流浪街頭多月的他,不能洗澡,渾身發出臭味,也要抵抗嚴寒的冬天。某日,有個工廠老闆見狀,報警抓了他,他被關押15小時,這是他整年唯一一次進入室內的地方。後來法庭要審訊,那個前衞開明的女法官得悉他在進行行為藝術,容許他以犯人身份處身法庭外,引來大批傳媒報道。庭內審訊則由他的律師代為辯護。Adrian此時解釋,「法官看了《華爾街日報》的報道,才會讓他身處室外審訊,這不是一件尋常的事情。最後結果是,他已被關押了15小時,已受到應有的懲罰,因此他可以離開。法官的說法是:你已服了刑(you served your time)。
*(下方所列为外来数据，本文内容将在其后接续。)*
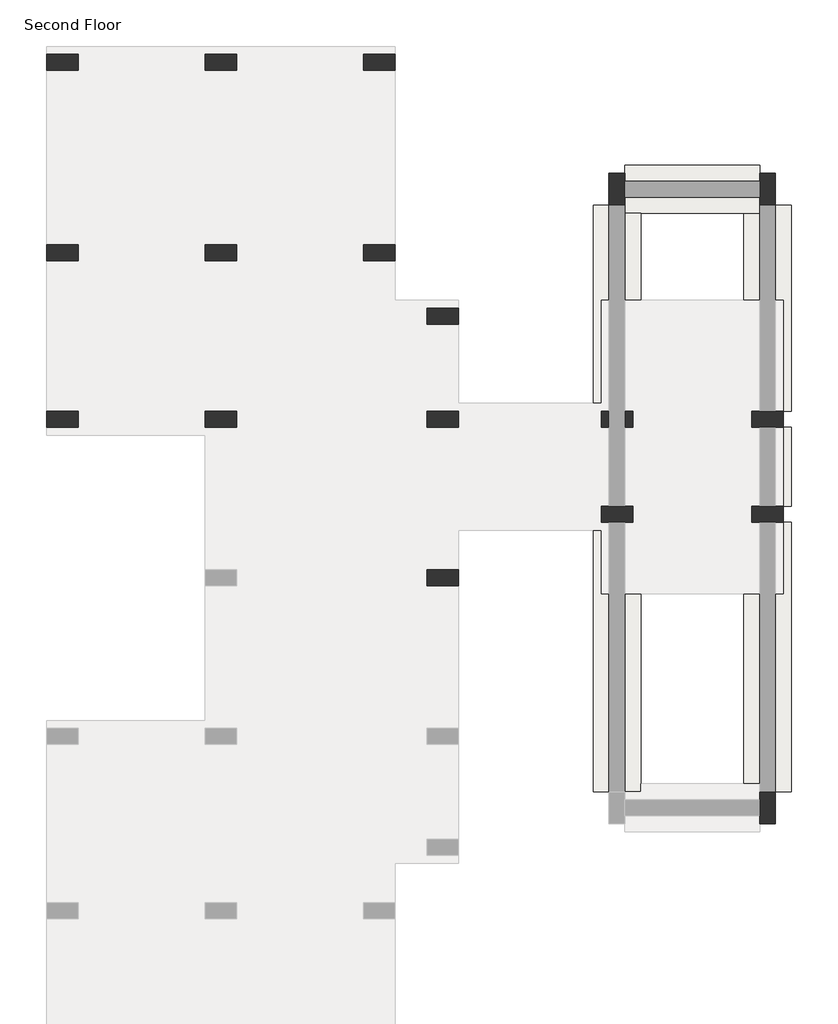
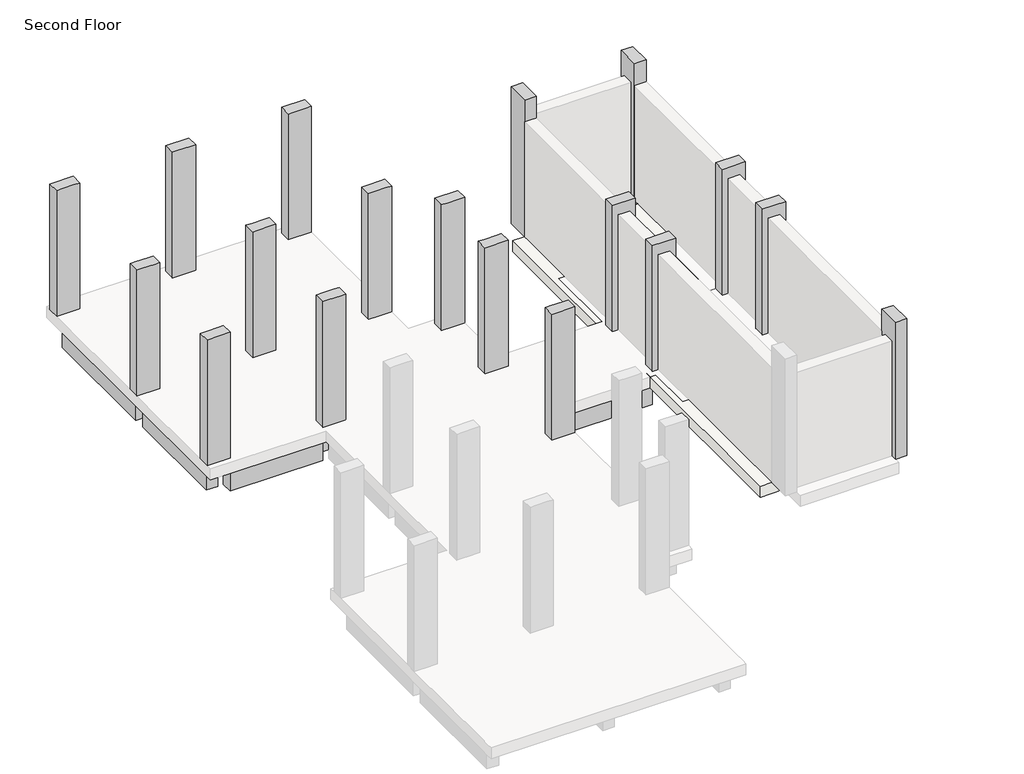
# One storey, part 2 of 2: 20 beams, 18 columns, 6 footings.
"""IFC4 building model written with IfcOpenShell, lengths in millimetres."""

from ifc_helpers import new_model, si_unit, frame, origin, place, context, project, spatial, polyline, outline, extrude, faceted_brep, element, save

model = new_model("IFC4")

# Units and contexts
model_context = context("Model", 3, world=origin())
ifc_project = project(units=[si_unit("LENGTHUNIT", "METRE", prefix="MILLI")], contexts=[model_context])

# Site, building, storey
site = spatial("IfcSite", under=ifc_project)
building = spatial("IfcBuilding", under=site)
storey = spatial("IfcBuildingStorey", under=building, Name="Second Floor", Elevation=3810.0)

# Beams
placement = place(None, origin())
element("IfcBeam", 1, ObjectType="Concrete-Rectangular Beam : 12 x 24", at=placement, inside=storey, context=model_context, shape_type="SweptSolid", body=[
    extrude(outline(polyline([(-12861.5073204, 23464.2572372), (-12861.5073204, 23769.0572372), (-10423.1073204, 23769.0572372), (-10423.1073204, 23464.2572372), (-12861.5073204, 23464.2572372)])), frame((0.0, 0.0, 2895.6), z_axis=(0.0, 0.0, 1.0), x_axis=(1.0, 0.0, 0.0)), (0.0, 0.0, 1.0), 609.6),
])
element("IfcBeam", 2, ObjectType="Concrete-Rectangular Beam : 12 x 24", at=placement, inside=storey, context=model_context, shape_type="SweptSolid", body=[
    extrude(outline(polyline([(-9813.5073204, 23464.2572372), (-9813.5073204, 23769.0572372), (-7375.1073204, 23769.0572372), (-7375.1073204, 23464.2572372), (-9813.5073204, 23464.2572372)])), frame((0.0, 0.0, 2895.6), z_axis=(0.0, 0.0, 1.0), x_axis=(1.0, 0.0, 0.0)), (0.0, 0.0, 1.0), 609.6),
])
element("IfcBeam", 3, ObjectType="Concrete-Rectangular Beam : 12 x 24", at=placement, inside=storey, context=model_context, shape_type="SweptSolid", body=[
    extrude(outline(polyline([(-7222.7073204, 23464.2572372), (-6917.9073204, 23464.2572372), (-6917.9073204, 20111.4572372), (-7222.7073204, 20111.4572372), (-7222.7073204, 23464.2572372)])), frame((0.0, 0.0, 2895.6), z_axis=(0.0, 0.0, 1.0), x_axis=(1.0, 0.0, 0.0)), (0.0, 0.0, 1.0), 609.6),
])
element("IfcBeam", 4, ObjectType="Concrete-Rectangular Beam : 12 x 24", at=placement, inside=storey, context=model_context, shape_type="SweptSolid", body=[
    extrude(outline(polyline([(-10270.7073204, 23464.2572372), (-9965.9073204, 23464.2572372), (-9965.9073204, 20111.4572372), (-10270.7073204, 20111.4572372), (-10270.7073204, 23464.2572372)])), frame((0.0, 0.0, 2895.6), z_axis=(0.0, 0.0, 1.0), x_axis=(1.0, 0.0, 0.0)), (0.0, 0.0, 1.0), 609.6),
])
element("IfcBeam", 5, ObjectType="Concrete-Rectangular Beam : 12 x 24", at=placement, inside=storey, context=model_context, shape_type="SweptSolid", body=[
    extrude(outline(polyline([(-13318.7073204, 23464.2572372), (-13013.9073204, 23464.2572372), (-13013.9073204, 20111.4572372), (-13318.7073204, 20111.4572372), (-13318.7073204, 23464.2572372)])), frame((0.0, 0.0, 2895.6), z_axis=(0.0, 0.0, 1.0), x_axis=(1.0, 0.0, 0.0)), (0.0, 0.0, 1.0), 609.6),
])
element("IfcBeam", 6, ObjectType="Concrete-Rectangular Beam : 12 x 24", at=placement, inside=storey, context=model_context, shape_type="SweptSolid", body=[
    extrude(outline(polyline([(-12861.5073204, 19806.6572372), (-12861.5073204, 20111.4572372), (-10423.1073204, 20111.4572372), (-10423.1073204, 19806.6572372), (-12861.5073204, 19806.6572372)])), frame((0.0, 0.0, 2895.6), z_axis=(0.0, 0.0, 1.0), x_axis=(1.0, 0.0, 0.0)), (0.0, 0.0, 1.0), 609.6),
])
element("IfcBeam", 7, ObjectType="Concrete-Rectangular Beam : 12 x 24", at=placement, inside=storey, context=model_context, shape_type="SweptSolid", body=[
    extrude(outline(polyline([(-9813.5073204, 19806.6572372), (-9813.5073204, 20111.4572372), (-7375.1073204, 20111.4572372), (-7375.1073204, 19806.6572372), (-9813.5073204, 19806.6572372)])), frame((0.0, 0.0, 2895.6), z_axis=(0.0, 0.0, 1.0), x_axis=(1.0, 0.0, 0.0)), (0.0, 0.0, 1.0), 609.6),
])
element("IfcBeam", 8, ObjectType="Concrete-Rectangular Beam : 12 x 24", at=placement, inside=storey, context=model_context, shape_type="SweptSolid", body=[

有趣的是,他的作品正是為serve time。幸而這場審訊沒去查他是否非法移民,否則他會被遞解出境。」

謝德慶邊聽邊點頭,「如果那個時代有特朗普,我就……哈哈哈!」

第四個作品是《繩子》(1983至1984年),他與另一行為藝術家Linda Montano用一條只有8呎的繩子,綁在雙方的腰部一年,他們的宣言是:「我們待在一起一年而不會寂寞,我們不會觸碰對方。」

Image description 第四個「一年表演」作品《繩子》(一九八三至一九 八四年)。(受訪者圖片)

找這樣的夥伴是否困難?

「其實我都有幾個可以選擇,但我覺得她是最有挑戰性的。我事前並不太認識她,是朋友介紹的。」

他們每天都會拍照,可見他們一起上餐廳、待在沙發上;她在鏡前護理皮膚,他在她身後等待;一個看英文報紙,一個看中文報紙;洗澡、上廁所都沒什麼遮擋,謝德慶在洗澡,Linda隔着透明浴廉梳頭;因要保持距離,睡床要分2張;有些照片只拍下一團寫上「fight」字的廢紙,代表他們在吵架,沒拍合照。「記得Linda那時在費城的藝術學校有教職,我要清早5時跟她起床坐火車上學。」在一個訪問中,他說在這個項目結束時,2人幾乎到達互相仇視的地步。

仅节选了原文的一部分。